* [MATERIAL PROVIDED]
================
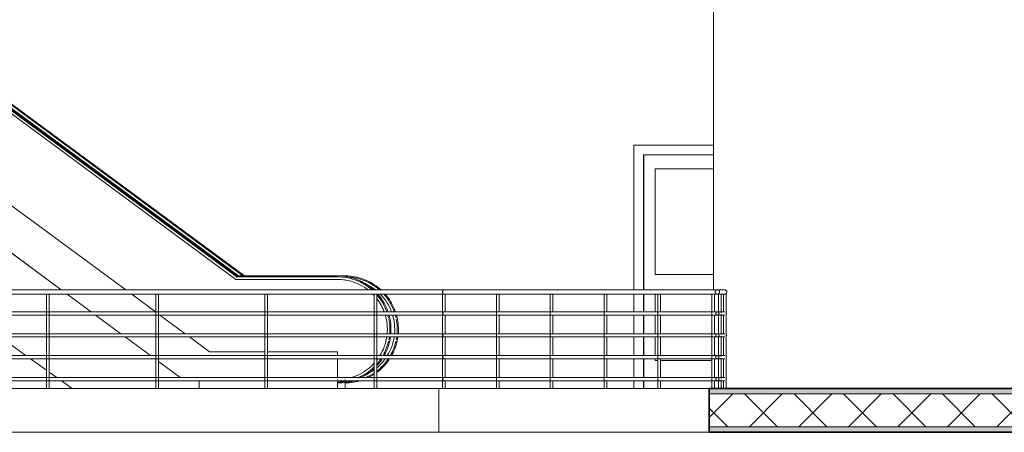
# Model space of a CAD drawing. Header units: inches. Extents: x 424 to 2043, y -237 to 445.
# Tile 905 of 965: x 977.47 to 986.47, y 225.75 to 229.52. Entities that reach past the tile are written whole.
import ezdxf

# ---------------------------------------------------------------- set-up
doc = ezdxf.new("R2010")
doc.units = ezdxf.units.IN
doc.header["$MEASUREMENT"] = 0
for name, color, linetype, lineweight in [('A-DOOR', 31, 'Continuous', 9), ('A-DOOR-FRAM', 31, 'Continuous', 9), ('A-FLOR', 192, 'Continuous', 9), ('A-FLOR-HRAL', 11, 'Continuous', 9), ('A-FLOR-MCUT', 51, 'Continuous', 9), ('A-FLOR-PATT', 8, 'Continuous', 35), ('A-GENM', 13, 'Continuous', 9), ('A-WALL', 113, 'Continuous', 9)]:
    doc.layers.add(name, color=color, linetype=linetype, lineweight=lineweight)

# ---------------------------------------------------------------- blocks, each defined once
blk = doc.blocks.new('Railing - 25mm-185987-Section 2')
at = {"layer": 'A-FLOR-HRAL'}
for p, q in [((27.2642, 6.46), (27.2642, 5.6)), ((27.2761, 6.46), (27.2642, 6.46)), ((27.2824, 6.46), (27.2761, 6.46)), ((27.2892, 6.2995), (27.2892, 6.46)), ((27.2892, 6.0995), (27.2892, 6.2705)), ((27.2892, 5.8995), (27.2892, 6.0705)), ((27.2892, 5.6995), (27.2892, 5.8705)), ((27.2892, 5.6), (27.2892, 5.6705))]:
    blk.add_line(p, q, dxfattribs=at)
blk = doc.blocks.new('Railing - 25mm-V46-Section 2')
at = {"layer": 'A-FLOR-HRAL'}
for p, q in [((29.8324, 10.46), (29.8324, 10.3)), ((29.834, 10.46), (29.8324, 10.46)), ((29.8574, 10.46), (29.834, 10.46)), ((29.8574, 10.2918), (29.8574, 10.46)), ((29.8324, 10.27), (29.8324, 10.1)), ((29.8574, 10.0918), (29.8574, 10.2782)), ((29.8324, 10.07), (29.8324, 9.9)), ((29.8574, 9.8918), (29.8574, 10.0782)), ((29.8324, 9.87), (29.8324, 9.7)), ((29.8574, 9.6918), (29.8574, 9.8782)), ((29.8324, 9.67), (29.8324, 9.6)), ((29.8574, 9.6), (29.8574, 9.6782))]:
    blk.add_line(p, q, dxfattribs=at)
blk = doc.blocks.new('Railing - 25mm-V37-Section 2')
at = {"layer": 'A-FLOR-HRAL'}
for p, q in [((19.7206, 6.46), (19.7206, 5.6)), ((19.7326, 6.46), (19.7206, 6.46)), ((19.7456, 6.46), (19.7326, 6.46)), ((19.7456, 5.6), (19.7456, 6.46))]:
    blk.add_line(p, q, dxfattribs=at)
blk = doc.blocks.new('Railing - 25mm-V38-Section 2')
at = {"layer": 'A-FLOR-HRAL'}
for p, q in [((27.7565, 6.46), (27.7565, 5.6)), ((27.7581, 6.46), (27.7565, 6.46)), ((27.7752, 6.46), (27.7581, 6.46)), ((27.7815, 6.2995), (27.7815, 6.46)), ((27.7815, 6.0995), (27.7815, 6.2705)), ((27.7815, 5.8995), (27.7815, 6.0705)), ((27.7815, 5.6995), (27.7815, 5.8705)), ((27.7815, 5.6), (27.7815, 5.6705))]:
    blk.add_line(p, q, dxfattribs=at)
blk = doc.blocks.new('Railing - 25mm-V54-Section 2')
at = {"layer": 'A-FLOR-HRAL'}
for p, q in [((29.7259, 10.46), (29.7259, 9.6)), ((29.7275, 10.46), (29.7259, 10.46)), ((29.7446, 10.46), (29.7275, 10.46)), ((29.7509, 10.2994), (29.7509, 10.46)), ((29.7509, 10.0994), (29.7509, 10.2706)), ((29.7509, 9.8994), (29.7509, 10.0706)), ((29.7509, 9.6994), (29.7509, 9.8706)), ((29.7509, 9.6), (29.7509, 9.6706))]:
    blk.add_line(p, q, dxfattribs=at)
blk = doc.blocks.new('Railing - 25mm-V55-Section 2')
at = {"layer": 'A-FLOR-HRAL'}
for p, q in [((29.7887, 10.46), (29.7887, 10.2998)), ((29.8137, 10.46), (29.7887, 10.46)), ((29.8137, 10.2919), (29.8137, 10.46)), ((29.8137, 10.46), (29.8137, 10.46)), ((29.7887, 10.2702), (29.7887, 10.0998)), ((29.8137, 10.0919), (29.8137, 10.2781)), ((29.7887, 10.0702), (29.7887, 9.8998)), ((29.8137, 9.8919), (29.8137, 10.0781)), ((29.7887, 9.8702), (29.7887, 9.6998)), ((29.8137, 9.6919), (29.8137, 9.8781)), ((29.7887, 9.6702), (29.7887, 9.6)), ((29.8137, 9.6), (29.8137, 9.6781))]:
    blk.add_line(p, q, dxfattribs=at)
blk = doc.blocks.new('Railing - Railing-201793-Section 2')
at = {"layer": 'A-FLOR-HRAL'}
for p, q in [((27.2767, 10.5), (16.661, 10.5)), ((16.6619, 10.46), (27.2767, 10.46)), ((29.8449, 10.5), (27.2767, 10.5)), ((27.2767, 10.46), (29.7887, 10.46)), ((29.8449, 10.5), (29.7779, 10.5)), ((29.7779, 10.46), (29.8449, 10.46)), ((29.8137, 10.46), (29.8449, 10.46)), ((27.2767, 10.3), (16.6619, 10.3)), ((16.6619, 10.27), (27.2767, 10.27)), ((29.7887, 10.3), (27.2767, 10.3)), ((27.2767, 10.27), (29.7887, 10.27)), ((29.8449, 10.3), (29.7779, 10.3)), ((29.7779, 10.27), (29.8449, 10.27)), ((29.8449, 10.3), (29.8137, 10.3)), ((29.8137, 10.27), (29.8449, 10.27)), ((27.2767, 10.1), (16.6619, 10.1)), ((29.7887, 10.1), (27.2767, 10.1)), ((29.8449, 10.1), (29.7779, 10.1)), ((29.8449, 10.1), (29.8137, 10.1)), ((16.6619, 10.07), (27.2767, 10.07)), ((27.2767, 10.07), (29.7887, 10.07)), ((29.7779, 10.07), (29.8449, 10.07)), ((29.8137, 10.07), (29.8449, 10.07)), ((27.2767, 9.9), (16.6619, 9.9)), ((16.6619, 9.87), (27.2767, 9.87)), ((29.7887, 9.9), (27.2767, 9.9)), ((27.2767, 9.87), (29.7887, 9.87)), ((29.8449, 9.9), (29.7779, 9.9)), ((29.7779, 9.87), (29.8449, 9.87)), ((29.8449, 9.9), (29.8137, 9.9)), ((29.8137, 9.87), (29.8449, 9.87)), ((27.2767, 9.7), (16.6617, 9.7)), ((16.6617, 9.67), (27.2767, 9.67)), ((29.7887, 9.7), (27.2767, 9.7)), ((27.2767, 9.67), (29.7887, 9.67)), ((29.8449, 9.7), (29.7779, 9.7)), ((29.7779, 9.67), (29.8449, 9.67)), ((29.8449, 9.7), (29.8134, 9.7)), ((29.8135, 9.67), (29.8449, 9.67))]:
    blk.add_line(p, q, dxfattribs=at)
at = {"layer": 'A-FLOR-HRAL', "lineweight": 18, "flags": 128}
for points in [[(29.7979, 10.48), (29.7973, 10.4848), (29.7956, 10.4893), (29.7928, 10.4933), (29.7892, 10.4965), (29.785, 10.4987), (29.7803, 10.4999), (29.7754, 10.4999), (29.7708, 10.4987), (29.7665, 10.4965), (29.7629, 10.4933), (29.7601, 10.4893), (29.7584, 10.4848), (29.7578, 10.48)], [(29.7578, 10.48), (29.7584, 10.4752), (29.7601, 10.4707), (29.7629, 10.4667), (29.7665, 10.4635), (29.7708, 10.4613), (29.7754, 10.4601), (29.7803, 10.4601), (29.785, 10.4613), (29.7892, 10.4635), (29.7928, 10.4667), (29.7956, 10.4707), (29.7973, 10.4752), (29.7979, 10.48)], [(29.7929, 10.285), (29.7924, 10.2886), (29.7911, 10.292), (29.7891, 10.2949), (29.7864, 10.2973), (29.7832, 10.299), (29.7797, 10.2999), (29.776, 10.2999), (29.7725, 10.299), (29.7693, 10.2973), (29.7666, 10.2949), (29.7646, 10.292), (29.7633, 10.2886), (29.7628, 10.285)], [(29.7628, 10.285), (29.7633, 10.2814), (29.7646, 10.278), (29.7666, 10.2751), (29.7693, 10.2727), (29.7725, 10.271), (29.776, 10.2701), (29.7797, 10.2701), (29.7832, 10.271), (29.7864, 10.2727), (29.7891, 10.2751), (29.7911, 10.278), (29.7924, 10.2814), (29.7929, 10.285)], [(29.7929, 10.085), (29.7924, 10.0886), (29.7911, 10.092), (29.7891, 10.0949), (29.7864, 10.0973), (29.7832, 10.099), (29.7797, 10.0999), (29.776, 10.0999), (29.7725, 10.099), (29.7693, 10.0973), (29.7666, 10.0949), (29.7646, 10.092), (29.7633, 10.0886), (29.7628, 10.085)], [(29.7628, 10.085), (29.7633, 10.0814), (29.7646, 10.078), (29.7666, 10.0751), (29.7693, 10.0727), (29.7725, 10.071), (29.776, 10.0701), (29.7797, 10.0701), (29.7832, 10.071), (29.7864, 10.0727), (29.7891, 10.0751), (29.7911, 10.078), (29.7924, 10.0814), (29.7929, 10.085)], [(29.7929, 9.885), (29.7924, 9.8886), (29.7911, 9.892), (29.7891, 9.8949), (29.7864, 9.8973), (29.7832, 9.899), (29.7797, 9.8999), (29.776, 9.8999), (29.7725, 9.899), (29.7693, 9.8973), (29.7666, 9.8949), (29.7646, 9.892), (29.7633, 9.8886), (29.7628, 9.885)], [(29.7628, 9.885), (29.7633, 9.8814), (29.7646, 9.878), (29.7666, 9.8751), (29.7693, 9.8727), (29.7725, 9.871), (29.776, 9.8701), (29.7797, 9.8701), (29.7832, 9.871), (29.7864, 9.8727), (29.7891, 9.8751), (29.7911, 9.878), (29.7924, 9.8814), (29.7929, 9.885)], [(29.7929, 9.685), (29.7924, 9.6886), (29.7911, 9.692), (29.7891, 9.6949), (29.7864, 9.6973), (29.7832, 9.699), (29.7797, 9.6999), (29.776, 9.6999), (29.7725, 9.699), (29.7693, 9.6973), (29.7666, 9.6949), (29.7646, 9.692), (29.7633, 9.6886), (29.7628, 9.685)], [(29.7628, 9.685), (29.7633, 9.6814), (29.7646, 9.678), (29.7666, 9.6751), (29.7693, 9.6727), (29.7725, 9.671), (29.776, 9.6701), (29.7797, 9.6701), (29.7832, 9.671), (29.7864, 9.6727), (29.7891, 9.6751), (29.7911, 9.678), (29.7924, 9.6814), (29.7929, 9.685)]]:
    blk.add_lwpolyline(points, dxfattribs=at)
at = {"layer": 'A-FLOR-HRAL'}
for points, knots in [([(27.2647, 10.48), (27.2647, 10.4817), (27.265, 10.4852), (27.266, 10.4893), (27.2672, 10.4922), (27.2682, 10.4942), (27.2694, 10.4959), (27.2707, 10.4974), (27.2721, 10.4985), (27.2736, 10.4994), (27.2751, 10.4999), (27.2762, 10.5), (27.2767, 10.5)], [0, 0, 0, 0, 0.0833333, 0.1666667, 0.2083333, 0.25, 0.2916667, 0.3333333, 0.375, 0.4166667, 0.4583333, 0.5, 0.5, 0.5, 0.5]), ([(27.2767, 10.46), (27.2762, 10.46), (27.2751, 10.4601), (27.2736, 10.4606), (27.2721, 10.4615), (27.2707, 10.4626), (27.2694, 10.4641), (27.2682, 10.4658), (27.2672, 10.4678), (27.266, 10.4707), (27.265, 10.4748), (27.2647, 10.4783), (27.2647, 10.48)], [0.5, 0.5, 0.5, 0.5, 0.5416667, 0.5833333, 0.625, 0.6666667, 0.7083333, 0.75, 0.7916667, 0.8333333, 0.9166667, 1, 1, 1, 1]), ([(29.8651, 10.48), (29.8651, 10.4765), (29.8637, 10.4713), (29.8594, 10.4657), (29.8551, 10.4625), (29.8502, 10.4605), (29.8467, 10.46), (29.8449, 10.46)], [0, 0, 0, 0, 0.1666667, 0.25, 0.3333333, 0.4166667, 0.5, 0.5, 0.5, 0.5]), ([(27.2677, 10.285), (27.2677, 10.2863), (27.2679, 10.2889), (27.2687, 10.292), (27.2695, 10.2942), (27.2701, 10.2951), (27.2703, 10.2956)], [0, 0, 0, 0, 0.0833333, 0.1666667, 0.2083333, 0.25, 0.25, 0.25, 0.25]), ([(27.2703, 10.2744), (27.2701, 10.2749), (27.2695, 10.2758), (27.2687, 10.278), (27.2679, 10.2811), (27.2677, 10.2837), (27.2677, 10.285)], [0.75, 0.75, 0.75, 0.75, 0.7916667, 0.8333333, 0.9166667, 1, 1, 1, 1]), ([(27.2677, 10.085), (27.2677, 10.0863), (27.2679, 10.0889), (27.2687, 10.092), (27.2695, 10.0942), (27.2701, 10.0951), (27.2703, 10.0956)], [0, 0, 0, 0, 0.0833333, 0.1666667, 0.2083333, 0.25, 0.25, 0.25, 0.25]), ([(27.2703, 10.0744), (27.2701, 10.0749), (27.2695, 10.0758), (27.2687, 10.078), (27.2679, 10.0811), (27.2677, 10.0837), (27.2677, 10.085)], [0.75, 0.75, 0.75, 0.75, 0.7916667, 0.8333333, 0.9166667, 1, 1, 1, 1]), ([(27.2677, 9.885), (27.2677, 9.8863), (27.2679, 9.8889), (27.2687, 9.892), (27.2695, 9.8942), (27.2701, 9.8951), (27.2703, 9.8956)], [0, 0, 0, 0, 0.0833333, 0.1666667, 0.2083333, 0.25, 0.25, 0.25, 0.25]), ([(27.2703, 9.8744), (27.2701, 9.8749), (27.2695, 9.8758), (27.2687, 9.878), (27.2679, 9.8811), (27.2677, 9.8837), (27.2677, 9.885)], [0.75, 0.75, 0.75, 0.75, 0.7916667, 0.8333333, 0.9166667, 1, 1, 1, 1]), ([(27.2677, 9.685), (27.2677, 9.6863), (27.2679, 9.6889), (27.2687, 9.692), (27.2695, 9.6942), (27.2701, 9.6951), (27.2703, 9.6956)], [0, 0, 0, 0, 0.0833333, 0.1666667, 0.2083333, 0.25, 0.25, 0.25, 0.25]), ([(27.2703, 9.6744), (27.2701, 9.6749), (27.2695, 9.6758), (27.2687, 9.678), (27.2679, 9.6811), (27.2677, 9.6837), (27.2677, 9.685)], [0.75, 0.75, 0.75, 0.75, 0.7916667, 0.8333333, 0.9166667, 1, 1, 1, 1])]:
    blk.add_open_spline(points, degree=3, knots=knots, dxfattribs=at)
for points in [[(29.8449, 10.5), (29.8467, 10.5), (29.8502, 10.4995), (29.8551, 10.4975), (29.8594, 10.4943), (29.8626, 10.4901), (29.8647, 10.4852), (29.8651, 10.4817), (29.8651, 10.48)], [(29.858, 10.2925), (29.8587, 10.2914), (29.8597, 10.2889), (29.8601, 10.2863), (29.8601, 10.285)], [(29.8601, 10.285), (29.8601, 10.2824), (29.8594, 10.2798), (29.858, 10.2775)], [(29.858, 10.0925), (29.8587, 10.0914), (29.8597, 10.0889), (29.8601, 10.0863), (29.8601, 10.085)], [(29.8601, 10.085), (29.8601, 10.0824), (29.8594, 10.0798), (29.858, 10.0775)], [(29.858, 9.8925), (29.8587, 9.8914), (29.8597, 9.8889), (29.8601, 9.8863), (29.8601, 9.885)], [(29.8601, 9.885), (29.8601, 9.8824), (29.8594, 9.8798), (29.858, 9.8775)], [(29.858, 9.6925), (29.8587, 9.6914), (29.8597, 9.6889), (29.8601, 9.6863), (29.8601, 9.685)], [(29.8601, 9.685), (29.8601, 9.6824), (29.8594, 9.6798), (29.858, 9.6775)]]:
    blk.add_open_spline(points, degree=3, dxfattribs=at)
for name, p in [('Railing - 25mm-V37-Section 2', (3.9212, 4)), ('Railing - 25mm-V37-Section 2', (4.9203, 4)), ('Railing - 25mm-V37-Section 2', (5.9193, 4)), ('Railing - 25mm-V37-Section 2', (6.9184, 4)), ('Railing - 25mm-185987-Section 2', (0, 4)), ('Railing - 25mm-V38-Section 2', (0, 4)), ('Railing - 25mm-V38-Section 2', (0.4923, 4)), ('Railing - 25mm-V38-Section 2', (0.9847, 4)), ('Railing - 25mm-V38-Section 2', (1.477, 4)), ('Railing - 25mm-V54-Section 2', (0, 0)), ('Railing - 25mm-V55-Section 2', (0, 0)), ('Railing - 25mm-V46-Section 2', (0, 0))]:
    blk.add_blockref(name, p)
blk = doc.blocks.new('Escalator - Escalator-198091-Section 2')
at = {"layer": 'A-GENM'}
for p, q in [((19.6902, 14.7816), (25.374, 10.5964)), ((25.3818, 10.6197), (19.698, 14.8049)), ((25.3862, 10.6282), (19.7024, 14.8134)), ((19.758, 14.7816), (25.3987, 10.6282)), ((25.4382, 10.6281), (19.7658, 14.8049)), ((25.454, 10.6282), (19.7702, 14.8134)), ((24.3678, 10.5), (19.4483, 14.1212)), ((19.2037, 13.8672), (23.7781, 10.5)), ((19.2037, 13.8672), (23.7781, 10.5)), ((23.7781, 10.5), (19.2037, 13.8672)), ((26.3044, 10.6282), (25.3861, 10.6282)), ((26.3722, 10.6282), (26.3044, 10.6282)), ((25.374, 10.5964), (26.3028, 10.5964)), ((26.3029, 10.6197), (25.3818, 10.6197)), ((26.3055, 10.5964), (26.3033, 10.5964)), ((26.3733, 10.5964), (26.3711, 10.5964)), ((23.8325, 10.46), (24.0501, 10.2998)), ((23.8325, 10.46), (24.0501, 10.2998)), ((24.0501, 10.2998), (23.8325, 10.46)), ((24.6397, 10.2999), (24.4222, 10.46)), ((24.0904, 10.2702), (24.3217, 10.0999)), ((24.0904, 10.2702), (24.3217, 10.0999)), ((24.3217, 10.0999), (24.0904, 10.2702)), ((24.9114, 10.0999), (24.6801, 10.2701)), ((23.214, 10.07), (23.4542, 9.9)), ((24.3621, 10.0701), (24.5934, 9.8999)), ((24.3621, 10.0701), (24.5934, 9.8999)), ((24.5934, 9.8999), (24.3621, 10.0701)), ((25.134, 9.936), (24.9518, 10.0701)), ((25.64, 9.936), (25.134, 9.936)), ((26.3033, 9.936), (25.6649, 9.936)), ((26.3033, 9.9), (26.3033, 9.936)), ((23.4966, 9.87), (23.6419, 9.7672)), ((24.6338, 9.8701), (24.6409, 9.8649)), ((24.6338, 9.8701), (24.6409, 9.8649)), ((24.6409, 9.8649), (24.6338, 9.8701)), ((24.6659, 9.8465), (24.8651, 9.6999)), ((24.6659, 9.8465), (24.8651, 9.6999)), ((24.8651, 9.6999), (24.6659, 9.8465)), ((26.3033, 9.7), (26.3033, 9.87)), ((23.6668, 9.7495), (23.7368, 9.7)), ((23.7792, 9.67), (23.8781, 9.6)), ((25.0397, 9.6701), (25.0397, 9.6)), ((25.0397, 9.6), (25.0397, 9.6701)), ((26.3028, 9.67), (26.3028, 9.6659)), ((26.3033, 9.682), (26.3055, 9.682)), ((26.3033, 9.6), (26.3033, 9.6552)), ((26.3711, 9.682), (26.3733, 9.682)), ((26.3733, 9.6503), (26.3733, 9.6))]:
    blk.add_line(p, q, dxfattribs=at)
at = {"layer": 'A-GENM', "flags": 128}
for points in [[(26.6343, 10.5), (26.6198, 10.5127), (26.6046, 10.525), (26.589, 10.5368), (26.5729, 10.5478), (26.5563, 10.5582), (26.5394, 10.568), (26.5221, 10.5771), (26.5044, 10.5854), (26.4864, 10.5931), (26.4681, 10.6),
================
* [WHAT THIS TASK INVOLVES]
Provide the number of lines above in which the word "degree" appears, with no further words.

* [YOUR RESPONSE]
2